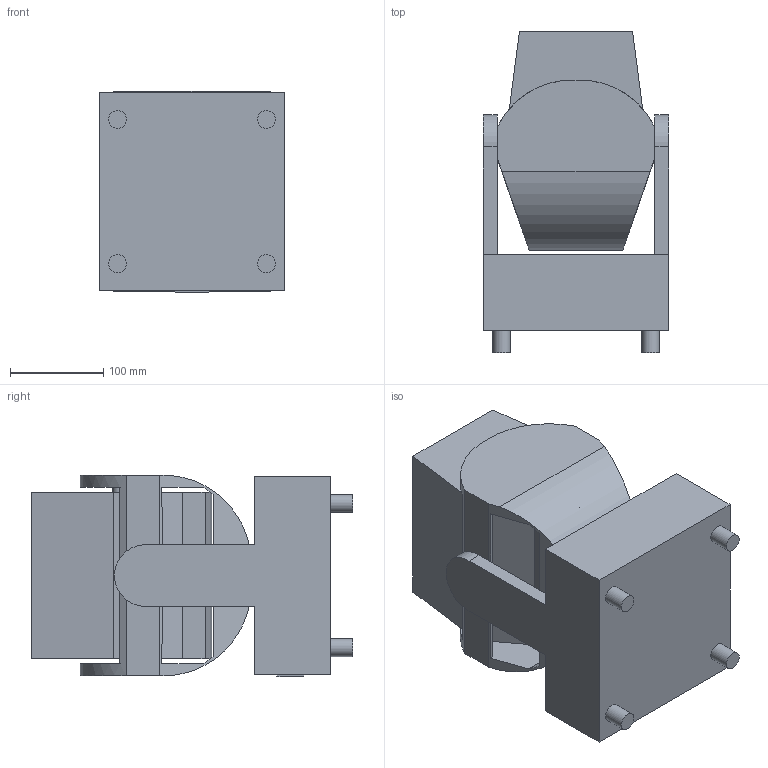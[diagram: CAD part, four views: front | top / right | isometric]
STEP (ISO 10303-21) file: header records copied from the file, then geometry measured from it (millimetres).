
FILE_DESCRIPTION(/* description */ (''),/* implementation_level */ '2;1');
FILE_NAME(/* name */ 'COLORado PXL Curve 1_0.step',/* time_stamp */ '2026-02-20T10:50:15-05:00',/* author */ (''),/* organization */ (''),/* preprocessor_version */ 'ST-DEVELOPER v20.1',/* originating_system */ 'Autodesk Translation Framework v14.24.0.0',/* authorisation */ '');
FILE_SCHEMA (('AUTOMOTIVE_DESIGN { 1 0 10303 214 3 1 1 }'));
Length unit declared in the file: millimetre
Products named in the file (4): ROIP-200C-01-00_ASM; head; tilt (1); Base
Assembly tree (3 placements, depth 3):
  ROIP-200C-01-00_ASM
    head
      tilt (1)
    Base
Bounding box: 199 x 345.5 x 216 mm (x, y, z)
Volume: 8974858.7 mm3; surface area: 543826.6 mm2
Topology: 3 solids, 3 shells, 73 faces, 180 edges, 120 vertices
Faces by surface type: plane 54, cylinder 19
Full cylindrical faces by diameter (mm): 14 x2, 19.18 x4, 26.5 x2
Entity records: 2365 total; most frequent: DIRECTION 382, CARTESIAN_POINT 380, ORIENTED_EDGE 360, EDGE_CURVE 180, LINE 138, VECTOR 138, AXIS2_PLACEMENT_3D 122, VERTEX_POINT 120
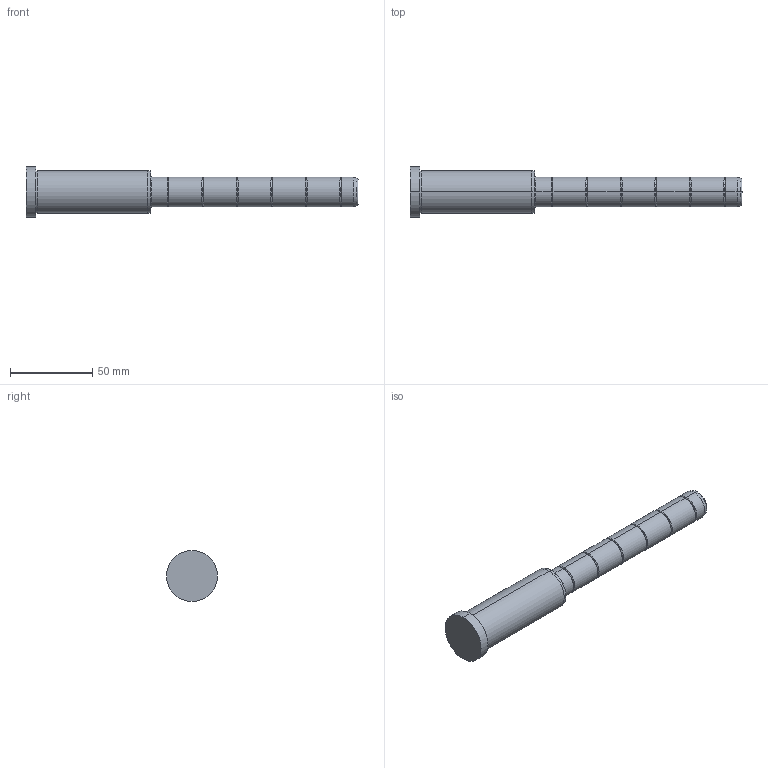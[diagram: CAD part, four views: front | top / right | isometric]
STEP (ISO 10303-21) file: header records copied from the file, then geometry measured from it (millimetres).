
FILE_DESCRIPTION( ( 'STEP AP203' ), '1' );
FILE_NAME( 'C:/Projects/D02 - 18x76x126.step', '2003-01-04T13:27:07', ( ' ' ), ( ' ' ), 'XStep 1.0', ' ', ' ' );
FILE_SCHEMA( ( 'CONFIG_CONTROL_DESIGN' ) );
Length unit declared in the file: metre
Products named in the file (1): 1
Bounding box: 202 x 31 x 31 mm (x, y, z)
Volume: 73602.5 mm3; surface area: 15023.9 mm2
Topology: 1 solids, 1 shells, 60 faces, 118 edges, 64 vertices
Faces by surface type: bspline 34, revolution 26
Entity records: 1919 total; most frequent: CARTESIAN_POINT 817, ORIENTED_EDGE 236, DIRECTION 182, EDGE_CURVE 118, AXIS2_PLACEMENT_3D 65, EDGE_LOOP 64, VERTEX_POINT 64, CIRCLE 64

DIRECTIONS => Retype every record as it stands. None of the pictures should appear.

TASK RESPONSE =>
[diagram: CAD part, four views: front | top / right | isometric]
STEP (ISO 10303-21) file: header records copied from the file, then geometry measured from it (millimetres).
FILE_DESCRIPTION(/* description */ (''),/* implementation_level */ '2;1');
FILE_NAME(/* name */ 'COLORado PXL Curve 1_0.step',/* time_stamp */ '2026-02-20T10:50:15-05:00',/* author */ (''),/* organization */ (''),/* preprocessor_version */ 'ST-DEVELOPER v20.1',/* originating_system */ 'Autodesk Translation Framework v14.24.0.0',/* authorisation */ '');
FILE_SCHEMA (('AUTOMOTIVE_DESIGN { 1 0 10303 214 3 1 1 }'));
Length unit declared in the file: millimetre
Products named in the file (4): ROIP-200C-01-00_ASM; head; tilt (1); Base
Assembly tree (3 placements, depth 3):
  ROIP-200C-01-00_ASM
    head
      tilt (1)
    Base
Bounding box: 199 x 345.5 x 216 mm (x, y, z)
Volume: 8974858.7 mm3; surface area: 543826.6 mm2
Topology: 3 solids, 3 shells, 73 faces, 180 edges, 120 vertices
Faces by surface type: plane 54, cylinder 19
Full cylindrical faces by diameter (mm): 14 x2, 19.18 x4, 26.5 x2
Entity records: 2365 total; most frequent: DIRECTION 382, CARTESIAN_POINT 380, ORIENTED_EDGE 360, EDGE_CURVE 180, LINE 138, VECTOR 138, AXIS2_PLACEMENT_3D 122, VERTEX_POINT 120
[diagram: CAD part, four views: front | top / right | isometric]
STEP (ISO 10303-21) file: header records copied from the file, then geometry measured from it (millimetres).
FILE_DESCRIPTION( ( 'STEP AP203' ), '1' );
FILE_NAME( 'C:/Projects/D02 - 18x76x126.step', '2003-01-04T13:27:07', ( ' ' ), ( ' ' ), 'XStep 1.0', ' ', ' ' );
FILE_SCHEMA( ( 'CONFIG_CONTROL_DESIGN' ) );
Length unit declared in the file: metre
Products named in the file (1): 1
Bounding box: 202 x 31 x 31 mm (x, y, z)
Volume: 73602.5 mm3; surface area: 15023.9 mm2
Topology: 1 solids, 1 shells, 60 faces, 118 edges, 64 vertices
Faces by surface type: bspline 34, revolution 26
Entity records: 1919 total; most frequent: CARTESIAN_POINT 817, ORIENTED_EDGE 236, DIRECTION 182, EDGE_CURVE 118, AXIS2_PLACEMENT_3D 65, EDGE_LOOP 64, VERTEX_POINT 64, CIRCLE 64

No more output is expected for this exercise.